WHAT THE TASK ASKS: When you find the word "header" in a line of the entries, please copy the whole line.
Start of EXCERPTED RECORDS
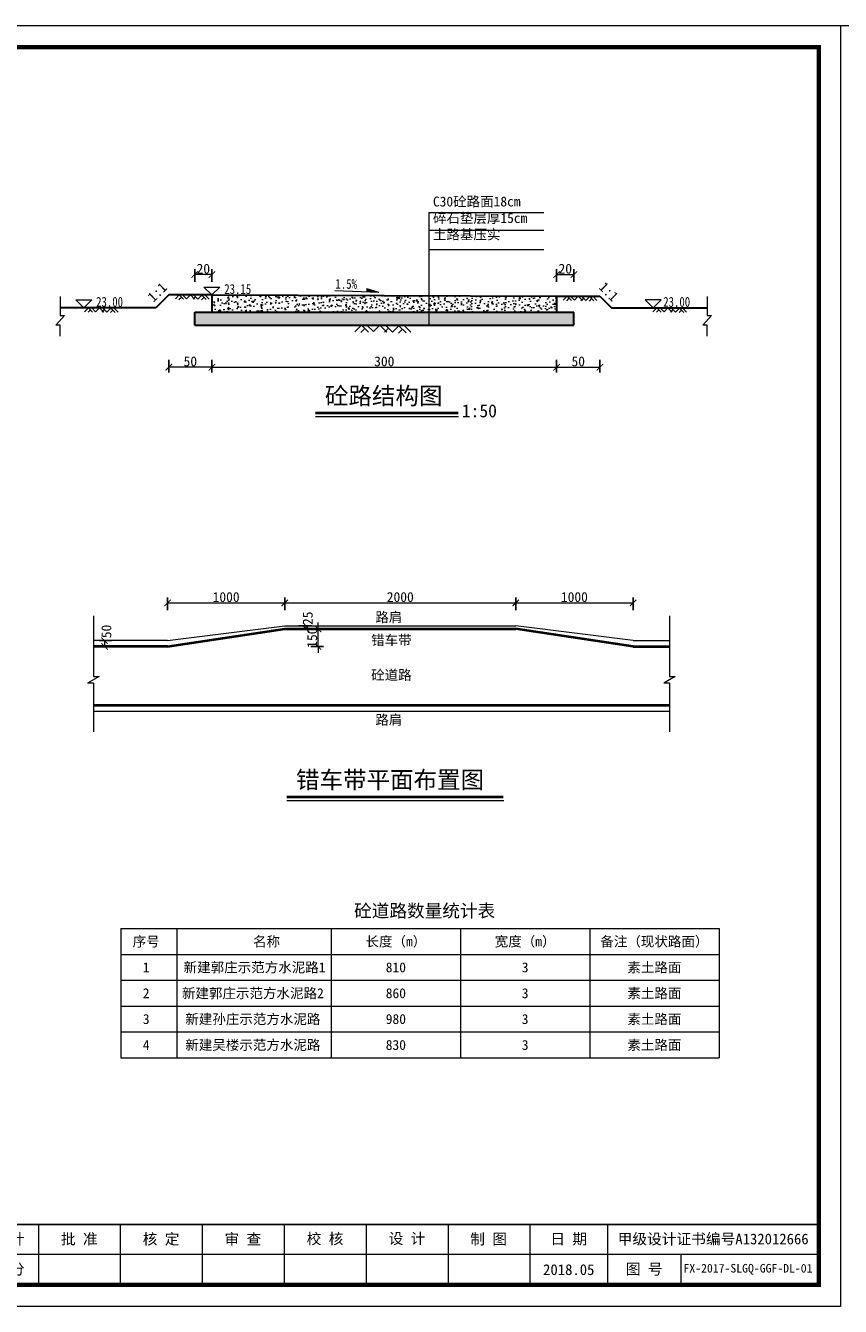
# Model space of a CAD drawing. Extents: x -27255 to 1448651, y 31034 to 8081248.
# Tile 30 of 198: x 583516 to 583705, y 3856468 to 3856765. Entities that reach past the tile are written whole.
import ezdxf
from ezdxf.enums import TextEntityAlignment as Align

# ---------------------------------------------------------------- set-up
doc = ezdxf.new("R2010")
doc.units = 0
doc.header["$PDMODE"] = 32
doc.header["$PDSIZE"] = 0.2
doc.layers.get('0').update_dxf_attribs({"linetype": 'CONTINUOUS'})
doc.layers.get('Defpoints').update_dxf_attribs({"linetype": 'CONTINUOUS'})
for name, color, linetype, lineweight in [('0.09标注线', 3, 'CONTINUOUS', 9), ('0.13填充', 8, 'CONTINUOUS', 9), ('0.13文字', 3, 'CONTINUOUS', 13), ('0.15黄', 50, 'CONTINUOUS', 15), ('0.30粗线', 7, 'CONTINUOUS', 30), ('图框', 7, 'CONTINUOUS', 20), ('文字', 7, 'CONTINUOUS', 15), ('粗实线', 1, 'CONTINUOUS', 40), ('细实线', 3, 'CONTINUOUS', 20)]:
    doc.layers.add(name, color=color, linetype=linetype, lineweight=lineweight)
doc.styles.add('-仿宋_GB2312', font='FangSong_GB2312.ttf')
doc.styles.add('LYJFS', font='times.ttf', dxfattribs={"width": 0.7})
doc.styles.add('仿宋', font='FangSong_GB2312.ttf', dxfattribs={"width": 0.7})
doc.styles.add('宋体', font='FangSong_GB2312.ttf')
doc.dimstyles.new('副本 (2) STANDARD', dxfattribs={"dimscale": 0, "dimtxt": 2.3, "dimasz": 1.5, "dimexe": 1.25, "dimexo": 1.5, "dimgap": 0.2, "dimtad": 1, "dimdec": 1, "dimzin": 0, "dimdsep": 46, "dimtxsty": '-仿宋_GB2312', "dimblk": 'ARCHTICK', "dimcen": 0.09, "dimadec": 0, "dimazin": 0, "dimtfac": 1, "dimtdec": 1, "dimtix": 1, "dimtmove": 2, "dimatfit": 3, "dimfxl": 1.7, "dimfxlon": 1, "dimtolj": 1, "dimtzin": 0, "dimlwd": 9, "dimarcsym": 0})
pattern_1 = [(50, (583555.6497, 3856695.6906), (2.73277, -0.239086), [0.28575, -3.14325]), (355, (583555.6497, 3856695.6906), (-0.52864, 2.86585), [0.2286, -2.5146]), (100.451, (583555.8774, 3856695.6707), (2.20414, 2.62675), [0.24285, -2.67135]), (46.184, (583555.6497, 3856696.4526), (4.06619, -0.63063), [0.42862, -4.71487]), (96.6356, (583555.9885, 3856696.4), (3.56106, 3.71138), [0.36428, -4.00702]), (351.184, (583555.6497, 3856696.4526), (3.56107, 3.71138), [0.3429, -3.7719]), (21, (583556.0307, 3856696.2621), (2.274223, -1.53398), [0.28575, -3.14325]), (326, (583556.0307, 3856696.262), (0.92703, 2.76282), [0.2286, -2.5146]), (71.4514, (583556.2202, 3856696.1343), (3.20125, 1.22884), [0.24285, -2.67135]), (37.5, (583555.6497, 3856695.6906), (0.046329, 1.268326), [0, -2.48412, 0, -2.5527, 0, -2.524125]), (7.5, (583555.6497, 3856695.6906), (1.002295, 1.502709), [0, -1.45542, 0, -2.42697, 0, -0.962025]), (327.5, (583554.8001, 3856695.6906), (2.033859, -0.085931), [0, -0.9525, 0, -2.9718, 0, -3.94335]), (317.5, (583554.419, 3856695.6906), (2.221938, 0.381397), [0, -1.23825, 0, -1.97358, 0, -2.80035])]

# ---------------------------------------------------------------- blocks, each defined once
blk = doc.blocks.new('_ARCHTICK')
at = {"color": 0, "linetype": 'ByBlock', "const_width": 0.15}
blk.add_lwpolyline([(-0.5, -0.5), (0.5, 0.5)], dxfattribs=at)
blk = doc.blocks.new('*D673')
at = {"layer": '0.09标注线', "color": 0, "lineweight": -2}
for p, q in [((583559.65, 3856687.61), (583559.65, 3856684.66)), ((583639.65, 3856687.61), (583639.65, 3856684.66))]:
    blk.add_line(p, q, dxfattribs=at)
at = {"layer": '0.09标注线', "color": 0, "lineweight": 9}
blk.add_line((583559.65, 3856685.91), (583639.65, 3856685.91), dxfattribs=at)
at = {"layer": 'Defpoints', "color": 0, "lineweight": 13}
for p in [(583559.65, 3856702.67), (583639.65, 3856702.38), (583639.65, 3856685.91)]:
    blk.add_point(p, dxfattribs=at)
at = {"layer": '0.09标注线', "color": 0, "lineweight": 9, "xscale": 1.5, "yscale": 1.5, "zscale": 1.5, "rotation": 180}
blk.add_blockref('_ARCHTICK', (583559.65, 3856685.91), dxfattribs=at)
at = {"layer": '0.09标注线', "color": 0, "lineweight": 9, "xscale": 1.5, "yscale": 1.5, "zscale": 1.5}
blk.add_blockref('_ARCHTICK', (583639.65, 3856685.91), dxfattribs=at)
at = {"layer": '0.09标注线', "color": 0, "insert": (583599.65, 3856687.26), "char_height": 2.3, "attachment_point": 5, "style": '-仿宋_GB2312'}
blk.add_mtext('\\A1;300', dxfattribs=at)
blk = doc.blocks.new('*D674')
at = {"layer": '0.09标注线', "color": 0, "lineweight": -2}
for p, q in [((583549.63, 3856687.61), (583549.63, 3856684.66)), ((583559.65, 3856687.61), (583559.65, 3856684.66))]:
    blk.add_line(p, q, dxfattribs=at)
at = {"layer": '0.09标注线', "color": 0, "lineweight": 9}
blk.add_line((583559.65, 3856685.91), (583549.63, 3856685.91), dxfattribs=at)
at = {"layer": 'Defpoints', "color": 0, "lineweight": 13}
for p in [(583549.63, 3856702.67), (583559.65, 3856702.67), (583549.63, 3856685.91)]:
    blk.add_point(p, dxfattribs=at)
at = {"layer": '0.09标注线', "color": 0, "lineweight": 9, "xscale": 1.5, "yscale": 1.5, "zscale": 1.5, "rotation": 180}
blk.add_blockref('_ARCHTICK', (583549.63, 3856685.91), dxfattribs=at)
at = {"layer": '0.09标注线', "color": 0, "lineweight": 9, "xscale": 1.5, "yscale": 1.5, "zscale": 1.5}
blk.add_blockref('_ARCHTICK', (583559.65, 3856685.91), dxfattribs=at)
at = {"layer": '0.09标注线', "color": 0, "insert": (583554.64, 3856687.26), "char_height": 2.3, "attachment_point": 5, "style": '-仿宋_GB2312'}
blk.add_mtext('\\A1;50', dxfattribs=at)
blk = doc.blocks.new('*D675')
at = {"layer": '0.09标注线', "color": 0, "lineweight": -2}
for p, q in [((583639.65, 3856687.61), (583639.65, 3856684.66)), ((583649.67, 3856687.61), (583649.67, 3856684.66))]:
    blk.add_line(p, q, dxfattribs=at)
at = {"layer": '0.09标注线', "color": 0, "lineweight": 9}
blk.add_line((583639.65, 3856685.91), (583649.67, 3856685.91), dxfattribs=at)
at = {"layer": 'Defpoints', "color": 0, "lineweight": 13}
for p in [(583639.65, 3856702.38), (583649.67, 3856702.38), (583649.67, 3856685.91)]:
    blk.add_point(p, dxfattribs=at)
at = {"layer": '0.09标注线', "color": 0, "lineweight": 9, "xscale": 1.5, "yscale": 1.5, "zscale": 1.5, "rotation": 180}
blk.add_blockref('_ARCHTICK', (583639.65, 3856685.91), dxfattribs=at)
at = {"layer": '0.09标注线', "color": 0, "lineweight": 9, "xscale": 1.5, "yscale": 1.5, "zscale": 1.5}
blk.add_blockref('_ARCHTICK', (583649.67, 3856685.91), dxfattribs=at)
at = {"layer": '0.09标注线', "color": 0, "insert": (583644.66, 3856687.26), "char_height": 2.3, "attachment_point": 5, "style": '-仿宋_GB2312'}
blk.add_mtext('\\A1;50', dxfattribs=at)
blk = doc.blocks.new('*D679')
End of EXCERPTED RECORDS
ANSWER SPACE:
doc.header["$PDMODE"] = 32
doc.header["$PDSIZE"] = 0.2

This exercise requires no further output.